A mixed number is a combination of a whole number and a fraction. This means it is a number that lies between two whole numbers. For instance, in the exercise, the mixed number is \(3 \frac{3}{5}\). Here, \(3\) is the whole number, and \(\frac{3}{5}\) is the fraction. Mixed numbers are often used because they are simpler to read and interpret in certain contexts. For example, \(3 \frac{3}{5}\) is easier to visualize in terms of real-world applications like measurements.To work with mixed numbers in calculations, it is important to convert them to improper fractions. This process involves multiplying the whole number by the denominator of the fraction and adding it to the numerator. This gives a single fraction that is greater than one. In our example, we convert \(3 \frac{3}{5}\) as follows:

• Multiply the whole number \(3\) by the denominator \(5\) to get \(15\).
• Add the numerator \(3\) to \(15\) to get \(18\).
• Place \(18\) over the original denominator \(5\), resulting in \(\frac{18}{5}\).
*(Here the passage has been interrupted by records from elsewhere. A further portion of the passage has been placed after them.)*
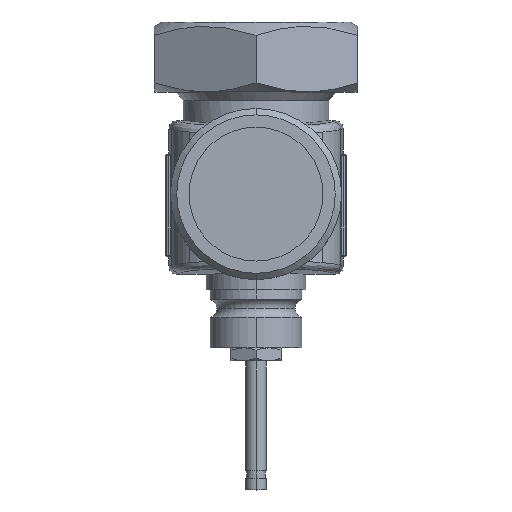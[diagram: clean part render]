
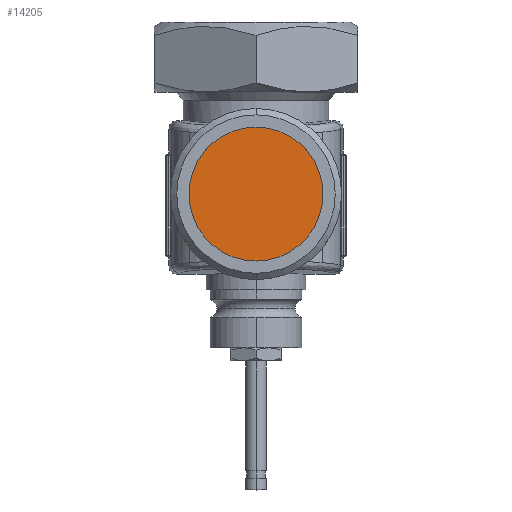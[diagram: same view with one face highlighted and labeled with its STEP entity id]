
A CAD part, top view. The second image highlights one B-rep face of the part: STEP entity #14205.
In plain terms, the highlighted planar face has unit normal (0, 0, 1).
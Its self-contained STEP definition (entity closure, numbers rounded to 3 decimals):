
#13149=CARTESIAN_POINT('',(41.25,0.,134.));
#13150=VERTEX_POINT('',#13149);
#13159=CARTESIAN_POINT('',(-41.25,0.,134.));
#13160=VERTEX_POINT('',#13159);
#13161=CARTESIAN_POINT('',(0.,0.,134.));
#13162=DIRECTION('',(0.0,0.0,-1.0));
#13163=DIRECTION('',(1.0,0.0,0.0));
#13164=AXIS2_PLACEMENT_3D('',#13161,#13162,#13163);
#13165=CIRCLE('',#13164,41.25);
#13166=EDGE_CURVE('',#13150,#13160,#13165,.T.);
#14186=CARTESIAN_POINT('',(0.,0.,134.));
#14187=DIRECTION('',(0.0,0.0,-1.0));
#14188=DIRECTION('',(1.0,0.0,0.0));
#14189=AXIS2_PLACEMENT_3D('',#14186,#14187,#14188);
#14190=CIRCLE('',#14189,41.25);
#14191=EDGE_CURVE('',#13160,#13150,#14190,.T.);
#14196=CARTESIAN_POINT('',(0.,0.,134.));
#14197=DIRECTION('',(0.0,0.0,-1.0));
#14198=DIRECTION('',(0.0,1.0,0.0));
#14199=AXIS2_PLACEMENT_3D('',#14196,#14197,#14198);
#14200=PLANE('',#14199);
#14201=ORIENTED_EDGE('',*,*,#13166,.F.);
#14202=ORIENTED_EDGE('',*,*,#14191,.F.);
#14203=EDGE_LOOP('',(#14201,#14202));
#14204=FACE_OUTER_BOUND('',#14203,.T.);
#14205=ADVANCED_FACE('',(#14204),#14200,.F.);
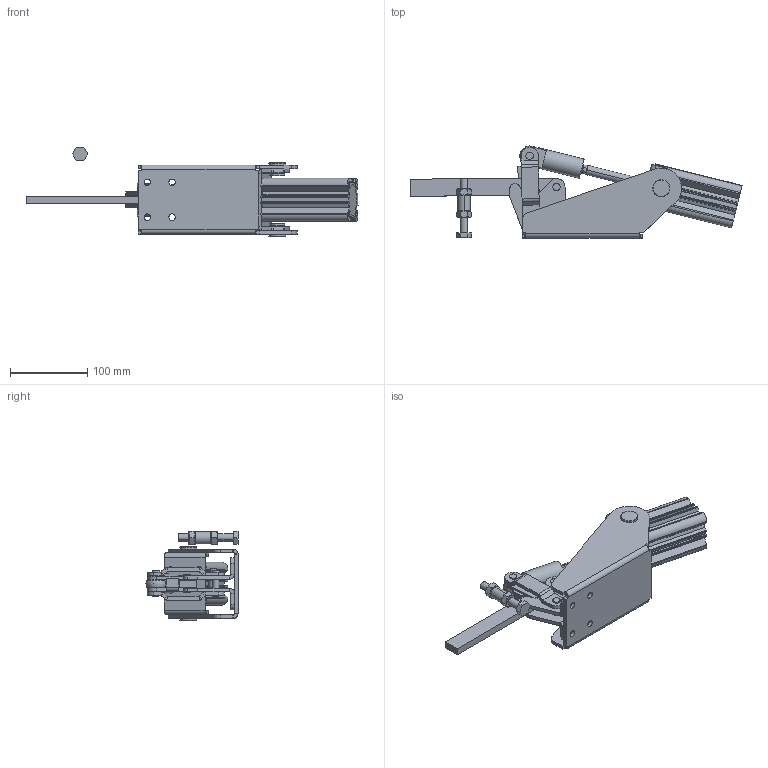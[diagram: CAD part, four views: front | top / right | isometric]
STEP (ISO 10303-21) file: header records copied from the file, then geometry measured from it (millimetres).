
FILE_DESCRIPTION (( 'STEP AP203' ), '1' );
FILE_NAME ('KF-111 DS P.STEP', '2016-12-15T11:45:20', ( 'Ricardo' ), ( '' ), 'SwSTEP 2.0', 'SolidWorks 2015', '' );
FILE_SCHEMA (( 'CONFIG_CONTROL_DESIGN' ));
Length unit declared in the file: millimetre
Products named in the file (22): 02.12010_Direita; 1 PC 21287; 15.20029; 02.12010_Esquerda; 2 PC 21287; 15.10101; 01.10168; 3 PC 21287; 15.10062; 04.10003A_Direita; 2800400700CP_avan㌢do; 20.20005; 04.10003B_Direita; KF-111 DS P; 11.50003; 04.20003; 12.50004; 06.50009; PSB-M10; 06.50010; 16.20071; 03.15005
Assembly tree (26 placements, depth 3):
  KF-111 DS P
    02.12010_Direita
    02.12010_Esquerda
    01.10168  x2
    04.10003A_Direita
    04.10003B_Direita
    04.20003
    06.50009  x2
    06.50010  x2
    03.15005
    15.20029
    15.10101
    15.10062
    PSB-M10
      20.20005
      11.50003  x2
      12.50004
    16.20071  x2
    2800400700CP_avan㌢do
      1 PC 21287
      2 PC 21287
      3 PC 21287
Bounding box: 428.45 x 118.74 x 115.53 mm (x, y, z)
Volume: 540391 mm3; surface area: 239207.9 mm2
Topology: 24 solids, 24 shells, 684 faces, 1632 edges, 1021 vertices
Faces by surface type: plane 305, cylinder 294, cone 82, bspline 2, sphere 1
Entity records: 19951 total; most frequent: DIRECTION 3197, CARTESIAN_POINT 3158, ORIENTED_EDGE 2830, EDGE_CURVE 1415, AXIS2_PLACEMENT_3D 1212, VERTEX_POINT 897, LINE 773, VECTOR 773
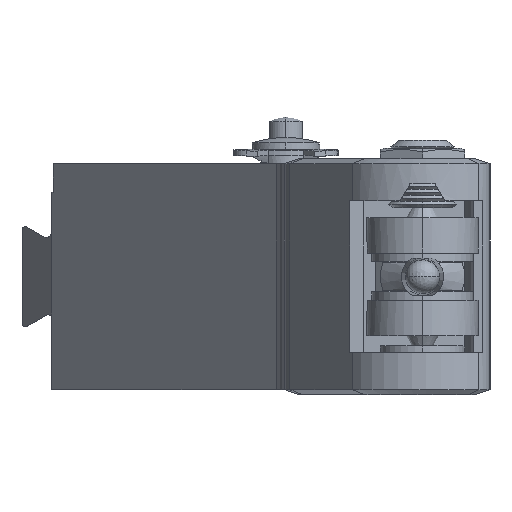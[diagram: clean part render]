
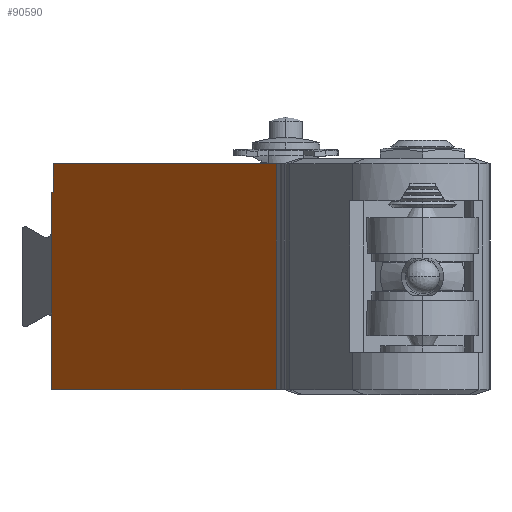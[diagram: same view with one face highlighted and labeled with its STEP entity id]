
A CAD part, left-side view. The second image highlights one B-rep face of the part: STEP entity #90590.
In plain terms, the highlighted planar face has unit normal (-0.643, 0.766, 0).
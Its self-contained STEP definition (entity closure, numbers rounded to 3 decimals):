
#14510=CARTESIAN_POINT('',(11.762,-83.637,6.7));
#14520=VERTEX_POINT('',#14510);
#14550=CARTESIAN_POINT('',(-0.7,-94.094,6.7));
#14560=DIRECTION('',(0.766,0.643,0.));
#14570=VECTOR('',#14560,1.);
#14580=LINE('',#14550,#14570);
#14590=CARTESIAN_POINT('',(27.531,-70.405,6.7));
#14600=VERTEX_POINT('',#14590);
#14610=EDGE_CURVE('',#14520,#14600,#14580,.T.);
#72250=CARTESIAN_POINT('',(27.65,-70.305,
2.627));
#72260=VERTEX_POINT('',#72250);
#81650=CARTESIAN_POINT('',(27.531,-70.405,5.));
#81660=VERTEX_POINT('',#81650);
#81690=CARTESIAN_POINT('',(-1.083,-94.415,5.));
#81700=DIRECTION('',(0.766,0.643,0.));
#81710=VECTOR('',#81700,1.);
#81720=LINE('',#81690,#81710);
#81730=CARTESIAN_POINT('',(27.65,-70.305,5.));
#81740=VERTEX_POINT('',#81730);
#81750=EDGE_CURVE('',#81660,#81740,#81720,.T.);
#88380=CARTESIAN_POINT('',(11.762,-83.637,-6.7));
#88390=VERTEX_POINT('',#88380);
#88420=CARTESIAN_POINT('',(11.762,-83.637,-7.));
#88430=DIRECTION('',(0.,0.,1.));
#88440=VECTOR('',#88430,1.);
#88450=LINE('',#88420,#88440);
#88460=EDGE_CURVE('',#88390,#14520,#88450,.T.);
#88630=CARTESIAN_POINT('',(27.65,-70.305,-7.));
#88640=DIRECTION('',(0.,0.,-1.));
#88650=VECTOR('',#88640,1.);
#88660=LINE('',#88630,#88650);
#88670=CARTESIAN_POINT('',(27.65,-70.305,
-2.453));
#88680=VERTEX_POINT('',#88670);
#88690=CARTESIAN_POINT('',(27.65,-70.305,-6.7));
#88700=VERTEX_POINT('',#88690);
#88710=EDGE_CURVE('',#88680,#88700,#88660,.T.);
#89850=CARTESIAN_POINT('',(27.65,-70.305,-7.));
#89860=DIRECTION('',(0.,0.,1.));
#89870=VECTOR('',#89860,1.);
#89880=LINE('',#89850,#89870);
#89890=EDGE_CURVE('',#88680,#72260,#89880,.T.);
#90230=CARTESIAN_POINT('',(-1.083,-94.415,-6.7));
#90240=DIRECTION('',(0.766,0.643,0.));
#90250=VECTOR('',#90240,1.);
#90260=LINE('',#90230,#90250);
#90270=EDGE_CURVE('',#88390,#88700,#90260,.T.);
#90340=CARTESIAN_POINT('',(32.94,-65.866,-8.4
));
#90350=DIRECTION('',(0.643,-0.766,0.));
#90360=DIRECTION('',(-0.766,-0.643,0.));
#90370=AXIS2_PLACEMENT_3D('',#90340,#90350,#90360);
#90380=PLANE('',#90370);
#90390=CARTESIAN_POINT('',(27.65,-70.305,-7.));
#90400=DIRECTION('',(0.,0.,-1.));
#90410=VECTOR('',#90400,1.);
#90420=LINE('',#90390,#90410);
#90430=EDGE_CURVE('',#81740,#72260,#90420,.T.);
#90440=ORIENTED_EDGE('',*,*,#90430,.T.);
#90450=ORIENTED_EDGE('',*,*,#81750,.T.);
#90460=CARTESIAN_POINT('',(27.531,-70.405,0.));
#90470=DIRECTION('',(0.,0.,-1.));
#90480=VECTOR('',#90470,1.);
#90490=LINE('',#90460,#90480);
#90500=EDGE_CURVE('',#14600,#81660,#90490,.T.);
#90510=ORIENTED_EDGE('',*,*,#90500,.T.);
#90520=ORIENTED_EDGE('',*,*,#14610,.T.);
#90530=ORIENTED_EDGE('',*,*,#88460,.T.);
#90540=ORIENTED_EDGE('',*,*,#90270,.F.);
#90550=ORIENTED_EDGE('',*,*,#88710,.T.);
#90560=ORIENTED_EDGE('',*,*,#89890,.F.);
#90570=EDGE_LOOP('',(#90560,#90550,#90540,#90530,#90520,#90510,#90450,
#90440));
#90580=FACE_OUTER_BOUND('',#90570,.T.);
#90590=ADVANCED_FACE('',(#90580),#90380,.F.);

Improper fractions have a numerator that is larger than or equal to the denominator. This is in contrast to a proper fraction, where the numerator is smaller than the denominator. When dealing with improper fractions, it means that the value is greater than or equal to one.In the context of our exercise, the mixed number \(3 \frac{3}{5}\) was converted into an improper fraction \(\frac{18}{5}\). This conversion is essential because it allows us to perform division operations more efficiently. Once a fraction is improper, it can easily be used in arithmetic calculations like multiplication and division without the difficulty of handling whole number components separately. Remember, an improper fraction can be converted back to a mixed number for easier interpretation or end results.

The reciprocal of a fraction is simply a flipped version where the numerator becomes the denominator and the denominator becomes the numerator. Understanding and using reciprocals is crucial, particularly when dealing with division of fractions. This is because dividing by a fraction is equivalent to multiplying by its reciprocal.For example, if you have the fraction \(\frac{9}{10}\), its reciprocal is \(\frac{10}{9}\). In the exercise, when dividing \(\frac{18}{5}\) by \(\frac{9}{10}\), you actually multiply \(\frac{18}{5}\) by \(\frac{10}{9}\). This switch from division to multiplication using the reciprocal simplifies the calculation process significantly. Remember:

• To find a reciprocal, just interchange the numerator and the denominator.
• Multiplying by the reciprocal is the same as dividing by the original fraction.

Simplifying fractions is the process of reducing fractions to their simplest form so they are easier to read and use. This involves dividing the numerator and the denominator by their greatest common divisor (GCD).In the given exercise, after multiplying the fractions \(\frac{18}{5}\) and \(\frac{10}{9}\), the result was \(\frac{180}{45}\). This fraction can be simplified by identifying the GCD of \(180\) and \(45\), which is \(45\). By dividing both the numerator and the denominator by \(45\), we simplify:

• \(180 \div 45 = 4\)
• \(45 \div 45 = 1\)
• Resulting in the simplified fraction \(\frac{4}{1}\), or simply \(4\).

Simplifying not only provides a cleaner answer but also ensures that calculations remain manageable, particularly in larger computations.